I have written to my NHS trust and local MP lobbying for the change so everyone gets at least one free go.

Please let everyone you know about the petition and ask them to sign

Thanks

Caz xx


----------



## kara76 (Dec 14, 2004)

so unfair the whole system

i have written to lots of people in the goverment in wales and many are backing me which is brill


----------



## butterflykisses (Oct 28, 2007)

hi 
   i've signed it too help everyone ,but sadly i'm not entitled to any free goes,because my dh has children from a previous marriage so we have to pay .

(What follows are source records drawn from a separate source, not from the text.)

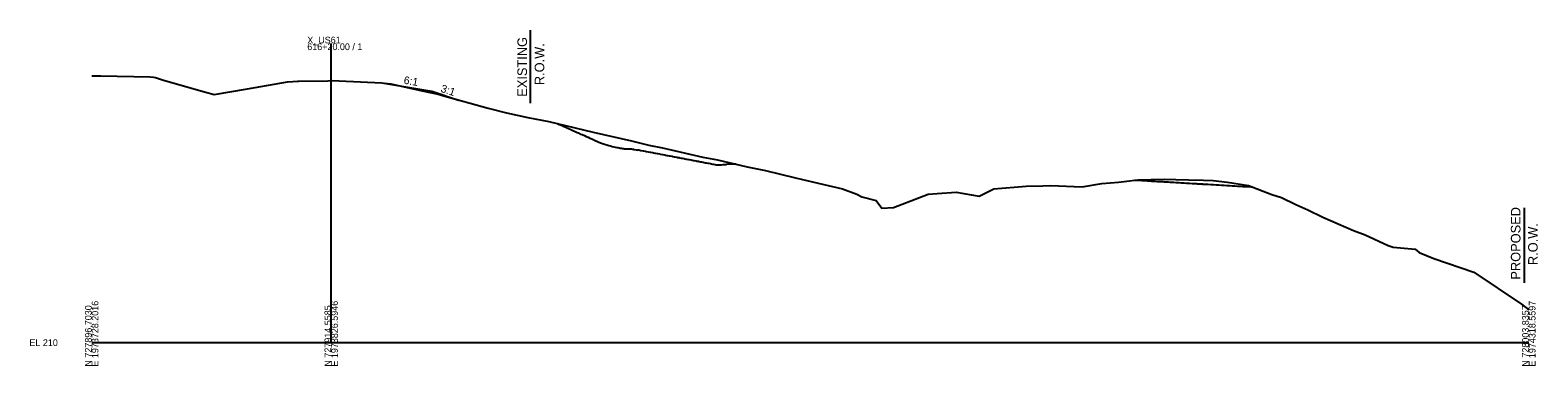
# Model space of a CAD drawing. Extents: x -26 to 1604, y -13 to 9623.
# Drawn here: x 974 to 1604, y 490 to 631 of the extents above; entities that cross this region are included whole.
import ezdxf

# ---------------------------------------------------------------- set-up
doc = ezdxf.new("R2010")
doc.units = 0
for name, color, linetype in [('Default', 7, 'Continuous'), ('Draft_XS_Grid', 7, 'Continuous'), ('DTM_X_GROUND', 7, 'Continuous'), ('SLOPE_STAKES_FILL', 7, 'Continuous'), ('XS_CELL', 7, 'Continuous'), ('XS_P_GROUND', 7, 'Continuous'), ('XS_P_ROW', 7, 'Continuous'), ('XS_P_TX_FS_BS', 7, 'Continuous'), ('XS_X_ROW', 7, 'Continuous')]:
    doc.layers.add(name, color=color, linetype=linetype)

msp = doc.modelspace()

# ---------------------------------------------------------------- linework, layer by layer
at = {"layer": 'DTM_X_GROUND'}
msp.add_lwpolyline([(1000, 611.51), (1003.78, 611.44), (1024.39, 611.01), (1025.78, 610.86), (1026.67, 610.77), (1030.01, 609.71), (1047.11, 604.73), (1051.11, 603.72), (1065, 606), (1081.75, 608.91), (1083.96, 609.12), (1085.87, 609.21), (1086.51, 609.24), (1098.56, 609.41), (1100.49, 609.44), (1103.32, 609.31), (1121.08, 608.53), (1123.5, 608.24), (1124.96, 608.06), (1137.92, 605.23), (1144.7, 603.77), (1146.52, 603.23), (1165.48, 597.91), (1173.2, 595.98), (1182.04, 594.12), (1190.91, 592.35), (1201.88, 589.7), (1209.38, 587.88), (1225.43, 584.35), (1232.56, 582.51), (1238.27, 581.32), (1255.12, 577.5), (1261.32, 576.32), (1273.61, 573.44), (1281.32, 571.87), (1293.79, 568.9), (1303.36, 566.61), (1313.47, 564.19), (1319.45, 562.08), (1321.48, 560.86), (1327.48, 559.43), (1329.84, 556.19), (1334.7, 556.44), (1349.17, 561.98), (1352.99, 562.24), (1360.98, 562.92), (1370.48, 561.14), (1376.65, 564.19), (1390.14, 565.32), (1397.15, 565.51), (1400.35, 565.62), (1413.46, 565.1), (1421.76, 566.43), (1428.74, 567.05), (1436.76, 567.96), (1447.97, 568.23), (1452.69, 568.22), (1457.9, 567.98), (1464.24, 567.9), (1468.26, 567.72), (1474.18, 567.04), (1482.92, 565.58), (1492.75, 561.94), (1496.71, 560.61), (1502.75, 557.67), (1507.81, 555.44), (1513.97, 552.44), (1526.87, 546.84), (1531.74, 545), (1541.29, 540.52), (1543.33, 539.94), (1552.54, 539.01), (1554.16, 537.62), (1560.3, 535.11), (1577.1, 529.46), (1596.98, 516.06), (1600, 513.78)], dxfattribs=at)
at = {"layer": 'XS_CELL'}
for p, q in [((1100, 500), (1100, 625)), ((1000, 500), (1100, 500)), ((1100, 500), (1600, 500))]:
    msp.add_line(p, q, dxfattribs=at)
at = {"layer": 'XS_P_GROUND'}
for points in [[(1122, 608.42), (1142, 605.09)], [(1142, 605.09), (1153.19, 601.36)], [(1194.64, 591.45), (1195.22, 591.19), (1195.25, 591.17), (1196.71, 590.52), (1196.85, 590.46), (1198.21, 589.85), (1198.44, 589.75), (1199.72, 589.18), (1200.04, 589.03), (1201.22, 588.51), (1201.63, 588.32), (1202.72, 587.84), (1203.23, 587.61), (1204.23, 587.16), (1204.82, 586.9), (1205.73, 586.49), (1206.42, 586.18), (1207.24, 585.82), (1208.02, 585.47), (1208.75, 585.14), (1209.61, 584.76), (1210.26, 584.47), (1211.21, 584.04), (1211.77, 583.79), (1212.8, 583.33), (1214.1, 582.92), (1215.03, 582.6), (1215.94, 582.35), (1216.62, 582.16), (1217.32, 581.98), (1217.99, 581.81), (1218.54, 581.69), (1219.18, 581.55), (1219.63, 581.46), (1220.26, 581.34), (1220.62, 581.28), (1221.24, 581.18), (1221.55, 581.14), (1222.16, 581.06), (1222.43, 581.03), (1223.04, 580.97), (1223.28, 580.96), (1223.88, 580.92), (1224.11, 580.91), (1224.71, 580.9), (1224.94, 580.9), (1225.53, 580.9), (1225.65, 580.88), (1226.27, 580.76), (1226.43, 580.73), (1227.27, 580.57), (1227.38, 580.55), (1227.94, 580.45)], [(1269.08, 574.5), (1268.34, 574.52), (1268.26, 574.52), (1267.24, 574.54), (1266.21, 574.57), (1266.17, 574.57), (1266.14, 574.57), (1264.97, 574.38), (1264.72, 574.35), (1263.84, 574.24), (1263.53, 574.22), (1262.77, 574.15), (1262.41, 574.13), (1261.73, 574.09), (1261.58, 574.09), (1261.34, 574.09), (1260.76, 574.2), (1260.33, 574.28), (1259.75, 574.39), (1259.33, 574.47), (1258.74, 574.58), (1258.33, 574.66), (1257.73, 574.77), (1257.33, 574.85), (1256.72, 574.97), (1256.33, 575.04), (1255.71, 575.16), (1255.32, 575.23), (1254.7, 575.35), (1254.32, 575.42), (1253.69, 575.54), (1253.32, 575.61), (1252.68, 575.74), (1252.32, 575.8), (1251.67, 575.93), (1251.32, 576), (1250.66, 576.12), (1250.31, 576.19), (1249.65, 576.31), (1249.31, 576.38), (1248.64, 576.5), (1248.31, 576.57), (1247.63, 576.7), (1247.31, 576.76), (1246.62, 576.89), (1246.31, 576.95), (1245.61, 577.08), (1245.3, 577.14), (1244.6, 577.27), (1244.3, 577.33), (1243.59, 577.47), (1243.3, 577.52), (1242.58, 577.66), (1242.3, 577.71), (1241.57, 577.85), (1241.3, 577.9), (1240.56, 578.04), (1240.29, 578.09), (1239.55, 578.23), (1239.29, 578.28), (1238.54, 578.43), (1238.29, 578.48), (1237.53, 578.62), (1237.29, 578.67), (1236.52, 578.81), (1236.29, 578.86), (1235.51, 579), (1235.28, 579.05), (1234.5, 579.2), (1234.28, 579.24), (1233.5, 579.39), (1233.28, 579.43), (1232.49, 579.58), (1232.28, 579.62), (1231.48, 579.77), (1231.28, 579.81), (1230.47, 579.96), (1230.27, 580), (1229.46, 580.16), (1229.27, 580.19), (1228.45, 580.35), (1228.27, 580.38), (1228, 580.43), (1227.94, 580.45)], [(1484.69, 564.92), (1483.95, 564.96), (1483.94, 564.96), (1482.84, 565.03), (1481.74, 565.09), (1481.73, 565.09), (1480.63, 565.16), (1480.62, 565.16), (1479.53, 565.22), (1479.51, 565.22), (1478.42, 565.29), (1478.39, 565.29), (1477.31, 565.35), (1477.28, 565.35), (1476.2, 565.42), (1476.17, 565.42), (1475.09, 565.48), (1475.06, 565.48), (1473.98, 565.55), (1473.95, 565.55), (1472.88, 565.61), (1472.84, 565.61), (1471.77, 565.68), (1471.73, 565.68), (1471.69, 565.68), (1470.62, 565.74), (1470.58, 565.75), (1469.51, 565.81), (1469.46, 565.81), (1468.4, 565.87), (1468.35, 565.88), (1467.29, 565.94), (1467.24, 565.94), (1466.18, 566), (1466.12, 566.01), (1465.07, 566.07), (1465.03, 566.07), (1464.41, 566.11), (1464.39, 566.11), (1463.95, 566.13), (1463.89, 566.14), (1462.84, 566.2), (1462.77, 566.2), (1461.73, 566.26), (1461.7, 566.26), (1461.24, 566.29), (1461.2, 566.29), (1460.62, 566.33), (1460.54, 566.33), (1459.51, 566.39), (1459.43, 566.4), (1458.4, 566.46), (1458.35, 566.46), (1457.74, 566.5), (1457.7, 566.5), (1457.29, 566.52), (1457.28, 566.52), (1457.16, 566.53), (1457.07, 566.53), (1456.18, 566.59), (1456.17, 566.59), (1456.05, 566.59), (1455.95, 566.6), (1455.07, 566.65), (1455.06, 566.65), (1454.94, 566.66), (1454.84, 566.66), (1453.96, 566.72), (1453.94, 566.72), (1453.84, 566.72), (1453.72, 566.73), (1452.85, 566.78), (1452.83, 566.78), (1452.73, 566.79), (1452.6, 566.8), (1451.74, 566.85), (1451.72, 566.85), (1451.63, 566.85), (1451.47, 566.86), (1450.63, 566.91), (1450.61, 566.91), (1450.52, 566.92), (1450.33, 566.93), (1449.51, 566.98), (1449.5, 566.98), (1449.41, 566.98), (1449.16, 567), (1448.4, 567.04), (1448.38, 567.04), (1448.31, 567.05), (1447.92, 567.07), (1447.29, 567.11), (1447.26, 567.11), (1447.2, 567.11), (1446.25, 567.17), (1446.18, 567.17), (1446.13, 567.17), (1446.1, 567.18), (1446.09, 567.18), (1445.07, 567.24), (1444.99, 567.24), (1444.99, 567.24), (1444, 567.3), (1443.96, 567.3), (1443.89, 567.3), (1443.88, 567.3), (1443.25, 567.34), (1443.23, 567.34), (1443.22, 567.34), (1443.22, 567.34), (1442.96, 567.36), (1442.95, 567.36), (1442.85, 567.36), (1442.85, 567.36), (1442.78, 567.37), (1442.78, 567.37), (1442.57, 567.38), (1442.56, 567.38), (1442.19, 567.4), (1442.18, 567.4), (1441.85, 567.42), (1441.84, 567.42), (1441.79, 567.43), (1441.79, 567.43), (1441.74, 567.43), (1441.74, 567.43), (1441.7, 567.43), (1441.7, 567.43), (1441.68, 567.43), (1441.68, 567.43), (1441.68, 567.43), (1441.68, 567.43), (1441.67, 567.43), (1441.67, 567.43), (1440.65, 567.49), (1440.63, 567.49), (1439.54, 567.56), (1439.52, 567.56), (1438.43, 567.62), (1438.41, 567.62), (1437.31, 567.69), (1437.3, 567.69), (1436.19, 567.75), (1436.18, 567.75), (1435.36, 567.8)]]:
    msp.add_lwpolyline(points, dxfattribs=at)
at = {"layer": 'XS_P_ROW'}
msp.add_line((1598, 556.27), (1598, 525), dxfattribs=at)
at = {"layer": 'XS_X_ROW'}
msp.add_line((1183, 630.55), (1183, 600), dxfattribs=at)

# ---------------------------------------------------------------- texts
at = {"layer": 'Default'}
msp.add_text('X', height=0.12, dxfattribs=at).set_placement((1141.96, 605.03))
at = {"layer": 'Draft_XS_Grid'}
msp.add_text('-', height=0.0001, dxfattribs=at).set_placement((1000, 500))
at = {"layer": 'SLOPE_STAKES_FILL'}
msp.add_text('X', height=0.12, dxfattribs=at).set_placement((1141.96, 605.03))
at = {"layer": 'XS_CELL'}
for s, p in [('X_US61', (1090, 625)), ('616+20.00 / 1', (1090, 622.2)), ('EL 210', (974, 498.6))]:
    msp.add_text(s, height=2.8, dxfattribs=at).set_placement(p)
for s, p in [('E 1973728.2016', (1002.8, 490)), ('E 1973826.5946', (1102.8, 490)), ('E 1974318.5597', (1602.8, 490)), ('N 727896.7030', (1000, 490)), ('N 727914.5585', (1100, 490)), ('N 728003.8357', (1600, 490))]:
    msp.add_text(s, height=2.8, rotation=90, dxfattribs=at).set_placement(p)
at = {"layer": 'XS_P_GROUND'}
for p in [(1121.96, 608.36), (1153.15, 601.3)]:
    msp.add_text('X', height=0.12, dxfattribs=at).set_placement(p)
at = {"layer": 'XS_P_ROW'}
for s, p in [('PROPOSED', (1596.52, 526.33)), ('R.O.W.', (1603.72, 532.4))]:
    msp.add_text(s, height=4, rotation=90, dxfattribs=at).set_placement(p)
at = {"layer": 'XS_P_TX_FS_BS'}
for s, rotation, p in [('6:1', 350.53766, (1130.1, 608.18)), ('3:1', 341.56507, (1145.45, 604.85))]:
    msp.add_text(s, height=3.24, rotation=rotation, dxfattribs=at).set_placement(p)
at = {"layer": 'XS_X_ROW'}
for s, p in [('EXISTING', (1181.75, 602.72)), ('R.O.W.', (1188.95, 607.56))]:
    msp.add_text(s, height=4, rotation=90, dxfattribs=at).set_placement(p)

doc.saveas('drawing.dxf')

                                  lv marie 76xx


----------



## martina79 (Jul 27, 2008)

I've signed but whats with the position asking for ivf funding to be cut as if u cant' afford ivf u can't afford kids!! some people are evil!!  why would u sign that petition?!?! i can never belive the amount of people who are anti-ivf & go on about children not being a right - if any1 knows that its us!!!

http://search.petitions.number10.gov.uk/kbroker/number10/petitions/search.lsim?ha=1157&sc=number10&qt=ivf


----------



## cookies (Jul 27, 2004)

I don't think they feel we are crippled enough.


----------



## kara76 (Dec 14, 2004)

great responce to this all

i have told as many people as possible about this, lets all do that

i set the petition for 3 months as i felt it didn't need to go on and on and on


----------



## Moraki (Oct 29, 2008)

Kara76

Thanks for sorting this. I have signed and will bring it to as many peoples attention as possible.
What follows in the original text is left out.